Kathleen Folbigg inquiry hears ‘bad variant’ of gene likely led to daughters’ deaths
Two genetic experts have told the inquiry into the convictions of Kathleen Folbigg that a “bad variant”, or rare genetic mutation, likely led to the deaths of her two daughters.
However, the variant does not explain the deaths of her two sons, the inquiry heard.
Genetic variants identified in Folbigg and her daughters Laura and Sarah were not discovered until nine years after she was convicted of killing her four children in 2003.
Professors Mette Nyegaard and Michael Toft Overgaard are among authors of a scientific article that partially led to the inquiry, the second in three years, and appeared together at a hearing in Sydney on Tuesday.
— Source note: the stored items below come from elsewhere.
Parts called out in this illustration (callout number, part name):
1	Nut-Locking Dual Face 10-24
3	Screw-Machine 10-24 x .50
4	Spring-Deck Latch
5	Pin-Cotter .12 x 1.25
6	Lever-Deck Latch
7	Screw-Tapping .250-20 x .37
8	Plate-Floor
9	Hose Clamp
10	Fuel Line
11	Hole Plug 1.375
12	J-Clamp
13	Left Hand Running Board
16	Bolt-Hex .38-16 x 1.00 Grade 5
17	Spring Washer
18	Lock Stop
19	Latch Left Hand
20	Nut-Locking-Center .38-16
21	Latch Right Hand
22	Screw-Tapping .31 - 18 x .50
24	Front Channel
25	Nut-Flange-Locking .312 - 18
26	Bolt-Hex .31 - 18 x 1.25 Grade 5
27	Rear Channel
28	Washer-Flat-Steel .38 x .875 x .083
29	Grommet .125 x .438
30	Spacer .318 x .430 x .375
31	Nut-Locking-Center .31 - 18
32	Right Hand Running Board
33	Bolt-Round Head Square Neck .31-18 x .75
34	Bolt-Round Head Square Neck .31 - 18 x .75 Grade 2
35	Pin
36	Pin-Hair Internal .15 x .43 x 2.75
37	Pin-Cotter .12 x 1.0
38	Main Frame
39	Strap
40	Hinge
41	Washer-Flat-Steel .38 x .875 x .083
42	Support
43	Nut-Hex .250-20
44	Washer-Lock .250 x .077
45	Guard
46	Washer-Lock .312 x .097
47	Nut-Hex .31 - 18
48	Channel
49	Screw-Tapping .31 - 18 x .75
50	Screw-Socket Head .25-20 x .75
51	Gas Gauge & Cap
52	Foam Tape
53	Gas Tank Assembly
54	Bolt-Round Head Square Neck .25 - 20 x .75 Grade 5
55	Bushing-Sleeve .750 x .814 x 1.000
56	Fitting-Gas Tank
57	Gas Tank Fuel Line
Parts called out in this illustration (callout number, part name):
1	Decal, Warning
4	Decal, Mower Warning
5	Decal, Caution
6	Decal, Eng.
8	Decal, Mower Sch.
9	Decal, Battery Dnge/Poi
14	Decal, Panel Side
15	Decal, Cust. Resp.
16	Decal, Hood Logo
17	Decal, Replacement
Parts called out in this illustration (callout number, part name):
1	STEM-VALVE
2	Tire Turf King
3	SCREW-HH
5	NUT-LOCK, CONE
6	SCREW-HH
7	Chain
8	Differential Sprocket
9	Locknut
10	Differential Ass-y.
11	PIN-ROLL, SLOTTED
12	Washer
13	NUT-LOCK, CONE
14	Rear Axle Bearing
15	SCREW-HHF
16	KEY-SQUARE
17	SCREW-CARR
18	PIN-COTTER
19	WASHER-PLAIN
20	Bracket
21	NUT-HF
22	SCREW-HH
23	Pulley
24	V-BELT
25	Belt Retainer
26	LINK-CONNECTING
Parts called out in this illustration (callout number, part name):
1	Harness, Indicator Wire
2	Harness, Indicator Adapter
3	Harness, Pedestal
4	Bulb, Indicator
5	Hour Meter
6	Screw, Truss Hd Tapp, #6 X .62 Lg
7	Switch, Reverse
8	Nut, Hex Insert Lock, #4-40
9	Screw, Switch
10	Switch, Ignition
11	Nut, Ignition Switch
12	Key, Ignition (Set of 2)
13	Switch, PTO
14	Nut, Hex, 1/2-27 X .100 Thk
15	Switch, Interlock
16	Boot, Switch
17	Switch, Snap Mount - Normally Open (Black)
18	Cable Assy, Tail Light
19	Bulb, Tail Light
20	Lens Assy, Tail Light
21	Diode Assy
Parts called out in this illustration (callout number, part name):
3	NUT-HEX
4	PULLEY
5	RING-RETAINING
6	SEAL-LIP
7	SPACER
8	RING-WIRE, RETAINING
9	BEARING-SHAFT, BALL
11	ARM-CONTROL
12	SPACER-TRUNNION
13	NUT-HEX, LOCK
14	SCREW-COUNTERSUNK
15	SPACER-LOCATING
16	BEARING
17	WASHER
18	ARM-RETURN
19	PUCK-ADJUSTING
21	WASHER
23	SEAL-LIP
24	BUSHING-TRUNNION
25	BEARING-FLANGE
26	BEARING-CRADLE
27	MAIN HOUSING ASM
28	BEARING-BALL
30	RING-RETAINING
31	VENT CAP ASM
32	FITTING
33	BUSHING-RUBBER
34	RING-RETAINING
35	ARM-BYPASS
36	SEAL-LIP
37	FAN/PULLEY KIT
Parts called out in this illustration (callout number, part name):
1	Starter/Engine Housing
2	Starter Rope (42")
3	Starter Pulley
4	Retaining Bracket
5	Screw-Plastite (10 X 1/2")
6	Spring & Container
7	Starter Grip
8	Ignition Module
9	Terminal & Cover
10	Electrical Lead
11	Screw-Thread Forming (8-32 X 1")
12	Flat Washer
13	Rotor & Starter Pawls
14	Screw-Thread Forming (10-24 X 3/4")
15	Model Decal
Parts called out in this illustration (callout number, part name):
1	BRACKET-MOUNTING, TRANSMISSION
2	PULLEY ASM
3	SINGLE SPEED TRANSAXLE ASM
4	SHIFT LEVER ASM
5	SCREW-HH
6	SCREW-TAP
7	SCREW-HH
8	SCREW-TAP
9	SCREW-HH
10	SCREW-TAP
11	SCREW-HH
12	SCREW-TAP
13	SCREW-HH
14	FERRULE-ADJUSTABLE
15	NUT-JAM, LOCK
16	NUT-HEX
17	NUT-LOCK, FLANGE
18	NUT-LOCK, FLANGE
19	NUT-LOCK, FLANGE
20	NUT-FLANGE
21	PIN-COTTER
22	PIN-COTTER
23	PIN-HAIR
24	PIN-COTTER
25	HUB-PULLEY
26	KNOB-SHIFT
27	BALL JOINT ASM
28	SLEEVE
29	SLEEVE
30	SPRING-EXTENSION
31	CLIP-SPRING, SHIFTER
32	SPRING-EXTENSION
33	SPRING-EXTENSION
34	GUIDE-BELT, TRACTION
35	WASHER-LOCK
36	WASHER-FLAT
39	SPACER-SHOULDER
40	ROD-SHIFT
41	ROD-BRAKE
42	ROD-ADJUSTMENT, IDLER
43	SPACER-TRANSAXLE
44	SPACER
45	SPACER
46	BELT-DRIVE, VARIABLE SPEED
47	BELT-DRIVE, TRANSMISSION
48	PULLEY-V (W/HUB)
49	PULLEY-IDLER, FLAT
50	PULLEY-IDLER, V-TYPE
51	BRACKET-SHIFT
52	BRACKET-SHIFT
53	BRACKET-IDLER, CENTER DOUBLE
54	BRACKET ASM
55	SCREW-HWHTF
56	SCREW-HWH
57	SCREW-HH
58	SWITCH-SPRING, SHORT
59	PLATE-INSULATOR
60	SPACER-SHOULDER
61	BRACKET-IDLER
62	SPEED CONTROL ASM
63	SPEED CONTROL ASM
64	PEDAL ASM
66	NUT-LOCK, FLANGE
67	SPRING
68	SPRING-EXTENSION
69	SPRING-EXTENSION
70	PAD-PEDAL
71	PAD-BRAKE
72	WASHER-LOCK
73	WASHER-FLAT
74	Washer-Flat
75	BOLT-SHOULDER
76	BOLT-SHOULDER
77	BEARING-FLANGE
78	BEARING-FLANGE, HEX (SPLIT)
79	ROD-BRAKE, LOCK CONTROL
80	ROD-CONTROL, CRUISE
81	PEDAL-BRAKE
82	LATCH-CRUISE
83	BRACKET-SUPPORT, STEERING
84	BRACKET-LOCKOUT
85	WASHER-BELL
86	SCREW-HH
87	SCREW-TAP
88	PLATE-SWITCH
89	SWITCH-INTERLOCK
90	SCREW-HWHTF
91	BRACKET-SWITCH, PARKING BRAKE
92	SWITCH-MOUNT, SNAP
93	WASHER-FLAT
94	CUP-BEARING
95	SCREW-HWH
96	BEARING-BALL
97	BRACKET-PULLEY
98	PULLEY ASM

The article, known as the Brohus article throughout the inquiry, was published after the 2019 inquiry.
It stopped short of saying the identified variants caused the deaths of the two girls. However, the inquiry under former NSW chief justice Tom Bathurst KC on Tuesday heard it very well could have.
“Would you say if it was ‘likely’ that the girls died by reason of the variant?” junior counsel assisting the inquiry, Julia Roy, asked the two Danish scientists.
“We think it is likely this mutation could have caused the death,” Overgaard said.
“It looks like a bad variant,” Nyegaard agreed.
The girls died long before the genetic variant was discovered.
The pair agreed that their conclusion was based only on their research and the material they had been provided, and no weight was given to the fact the two girls’ brothers had also died.
Diaries and journals seized by police were a key factor in Folbigg’s conviction and will be re-examined when the inquiry resumes in February.
The genetic variant affects the calcium-binding protein calmodulin, an
early building block of life.
“It was regarded in the scientific community up until 2012 that variations in calmodulin were incompatible with life,” Overgaard said.
Nyegaard identified variants in a large Swedish family, surprising the scientific community.
Three different genes in the human genome produce calmodulin. The variant identified in Folbigg, specifically CALM2 G114R, can affect the electrical activity of the heart.
Overgaard said that variant was recently analysed. “There’s a significant impact on how calmodulin can bind to the (cardiac ion) channel,” he said.
Bathurst is being asked to form his own view on whether there is any reasonable doubt about Folbigg’s guilt.
The inquiry comes 19 years after she was sentenced for the murder of three of her children and the manslaughter of a fourth.
The children, born separately between 1989 and 1997, were aged between 19 days and 18 months old when they died. Folbigg was charged in April 2001.
The NSW governor has ordered the re-examination after a petition from scientists calling for an inquiry due to new evidence.
Folbigg was sentenced to 40 years in prison in 2003, later reduced on appeal to 30 years with a non-parole period of 25.
She is not eligible for parole until 2028.